With its continuous effort to use more renewable energy, Chicago has become one of the greenest cities in the USA. The city is committed with the goals of the Paris Agreement through the Chicago Climate Charter, and the local government unveiled a plan to power all municipal buildings only with renewable energy by the year 2025.
Chicago has been ranked twice as the greenest city in the US by the Green Building Adoption Index, and it holds the LEED for Cities Platinum Certification from the US Green Building Council. Chicago is also the first major city to get the ENERGY STAR Partner of the Year Award.
On November 16, 2018, the city launched its latest clean energy program: the Chicago Renewable Energy Challenge. Its main purpose is motivating the private sector to join the municipal government in its renewable energy goals, and there are two main guidelines for organizations who participate in the challenge:
Supplying 100% of their electricity from renewable sources by the year 2035.
Once the target is reached, sustaining a 100% renewable energy usage for at least 10 years.
Tracking and sharing progress in yearly reports, to motivate other organizations.
Serving as a city ambassador for renewable energy installation and purchasing.
Participants in the challenge can set the target for both owned and leased properties, and large organizations with multiple buildings can select one or more properties to participate. Once a participant reaches the target, it is designated as a “Chicago Renewable Energy Leader”.
Improve the energy performance of your building.
Power Supply Options in the Chicago Renewable Energy Challenge
There are many ways in which a company can use more renewable energy to power its operations.
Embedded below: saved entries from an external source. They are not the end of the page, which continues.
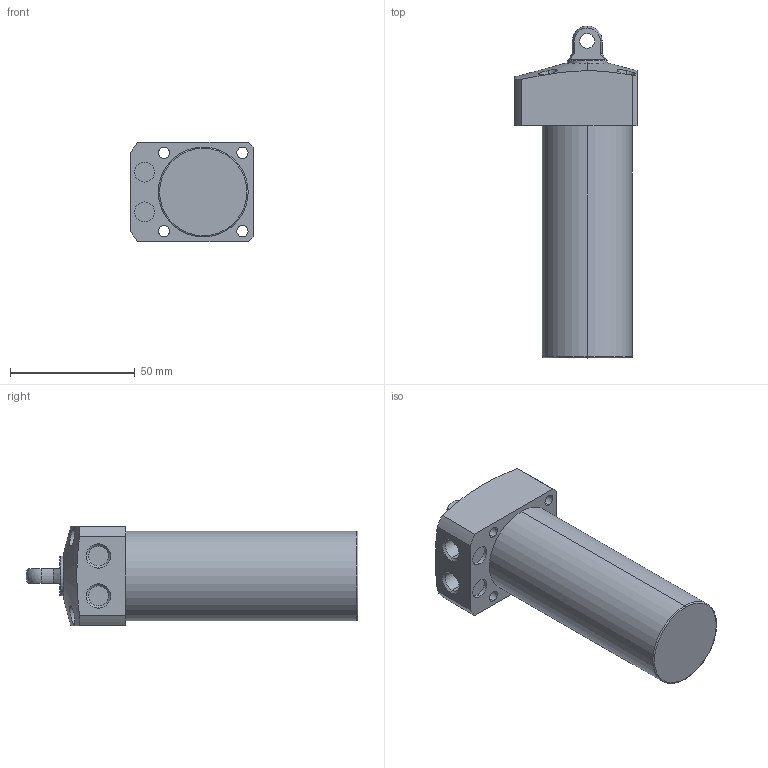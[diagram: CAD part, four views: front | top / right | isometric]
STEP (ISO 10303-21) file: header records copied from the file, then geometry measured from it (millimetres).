
FILE_DESCRIPTION (( 'STEP AP203' ), '1' );
FILE_NAME ('CLL036-CP-070.STEP', '2017-05-17T06:24:41', ( '' ), ( '' ), 'SwSTEP 2.0', 'SolidWorks 2015', '' );
FILE_SCHEMA (( 'CONFIG_CONTROL_DESIGN' ));
Length unit declared in the file: millimetre
Products named in the file (1): CLL036-CP-070
Bounding box: 49 x 133 x 40 mm (x, y, z)
Volume: 136051.2 mm3; surface area: 20565.9 mm2
Topology: 1 solids, 1 shells, 67 faces, 162 edges, 105 vertices
Faces by surface type: cylinder 34, plane 21, cone 8, sphere 2, torus 2
Entity records: 2347 total; most frequent: CARTESIAN_POINT 663, DIRECTION 354, ORIENTED_EDGE 316, EDGE_CURVE 158, AXIS2_PLACEMENT_3D 148, VERTEX_POINT 103, EDGE_LOOP 87, CIRCLE 80

In the Chicago Renewable Energy Challenge, the following options are allowed:
On-site renewable energy installation: This is the most straightforward approach, where the company purchases and operates a renewable energy system. The net consumption of the building is lowered, which reduces the electricity bill.
Power Purchase Agreement (PPA): Alternatively, companies can purchase clean electricity from a renewable energy system owned by the supplier. Note that PPAs are possible with on-site and off-site installations.
Community solar power: A company can purchase part of a solar power system having multiple owners, where the electricity output is split based on the ownership share of each participant.
Renewable Energy Credits (REC): With this option, a company purchases Renewable Energy Credits from other organizations. Owners of renewable energy systems earn a Renewable Energy Credit (REC) for every 1,000 kWh of generation, and these can be traded like stock.
The Chicago Renewable Energy Challenge only allows limited use of RECs, since they do not represent actual electricity consumed by the building. Instead, the participant is “purchasing” credit for clean energy generation achieved by someone else.
Which Electricity Sources Are Considered Renewable in Chicago?
The definition of renewable energy sources is not always the same. For example, large-scale hydroelectricity is not always considered renewable, and there are also organizations that count nuclear power as a renewable source. In the case of Chicago, the following generation systems are considered renewable:
Biomass: Biodiesel, anaerobic digestion, organic waste, tree waste and landfill gas
Founding Members and Expected Benefits
The Chicago Renewable Energy Challenge has seven founding members, which include global organizations and academic institutions:
Karen Marie Salon
School of the Art Institute of Chicago
The University of Illinois at Chicago
When all seven founding members reach 100% renewable energy, they will be reducing their consumption from conventional sources by 184.5 million kWh per year - enough electricity to power 20,000 homes. The environmental benefit is equivalent to removing 30,000 cars from circulation, or saving 300,000 barrels of oil.
The Chicago Renewable Energy Challenge was modeled after another program called Retrofit Chicago, launched in 2012. In this program, participants aim for a 20% reduction in building energy use, and there are 90 participating properties with a floor area of 57 million sq. ft. So far, they have achieved an average reduction of 17%, saving $11 million per year.
Renewable generation and energy efficiency are excellent options to reduce the energy expenses of your building, while contributing to environmental sustainability. They also complement each other: while energy efficiency reduces consumption, renewable generation replaces the power supplied by conventional fossil fuels.
Keep in mind that every building has unique features, and any upgrades that improve energy performance must be adequate for the property. The best approach is getting an energy audit as a first step, to identify the energy efficiency measures and renewable technologies that yield the highest return on investment.